There are troves of gory slashers, haunting horrors and psychological thrillers that take their imagery to the most hair-raising extreme. “Let the Right One In,” the 2008 Swedish horror film directed by Tomas Alfredson, is not that. The film features understated but highly unsettling imagery and themes, with sprinkles of raw human moments, against the backdrop of an austere, ice cold Stockholm suburb.
Oskar, a pale, bleach blond, twelve-year-old is friendless and bullied. He finally makes a friend out of his foil Eli, the gaunt, dark-haired, sunken-eyed new neighbor, who turns out to be a genderless adolescent vampire.
Unlike many contemporary monsters, Eli’s creepiness is seductive; it leaves room for the viewer’s imagination. Eli’s monster moments are shot from a wide-angle and are marginal to the viewer’s gaze. Viewers will question what they saw and anticipate confirmation, which the film so brilliantly deprives.
Eli’s monstrosity is smothered in enigma and littered with contradiction. Eli is vampire: both alive and dead; Eli is adolescent: both young and old; and Eli is castrated: neither male nor female. This categorical destruction summons a compulsive rejection – a reaction central to the horror monster’s prerogative.

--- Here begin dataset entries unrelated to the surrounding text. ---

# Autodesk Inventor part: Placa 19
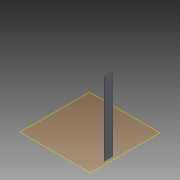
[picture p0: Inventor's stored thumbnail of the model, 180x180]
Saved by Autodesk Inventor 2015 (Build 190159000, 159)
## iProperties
Created: 2015-04
Part Number: Placa 19
Material: Generic
Document SubType Name: Modeling
Designer: suporte
Density: 1 g/cm^3
Appearance: Default
Author: suporte
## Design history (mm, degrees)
workplane "Work Plane1"
sketch "Sketch1"
  geometry: L1 (912.5, -500)-(900, -500); L2 (900, -500)-(900, -257.5); L3 (900, -257.5)-(912.5, -257.5); L4 (912.5, -257.5)-(912.5, -500); L5 (940.217, -270)-(959.783, -270) reference; L6 (912.5, -270)-(900, -270); 1 further point
  constraints: 10 end point, 2 parallel, 2 perpendicular, 2 point on line, 1 horizontal, 1 other
extrude "Extrusion1" new body sketch "Sketch1" distance "d0" = 2100; taper "d1" = 0 deg
body "Solid1"
node "Reference1"
node "Reference2"

To elicit fear and disgust from a horror audience without shocking violence or gore is quite a feat in the age of desensitization, and “Let The Right One In” does just that.
Also special to the film is its genuine moments of drama. In many horror flicks, communications between characters are stressed, high-octane and antithetical to the average daily experience. But “Let The Right One In’s” romantic, familial and emotional elements are understated along with its horror.
Eli’s murderous blood-sucking almost takes a back seat to Oskar and Eli’s subtly developed romance. Unlike “Twilight,” the “Vampire Diaries” or even certain iterations of “Dracula,” their relationship is not full of passion, sentimentality and recklessness. It’s simple, cute and lifelike.
“Let The Right One In” is for horror audiences looking to shake up their daily grind with something more sophisticated and for romantic drama fans who could use a bloodier love story.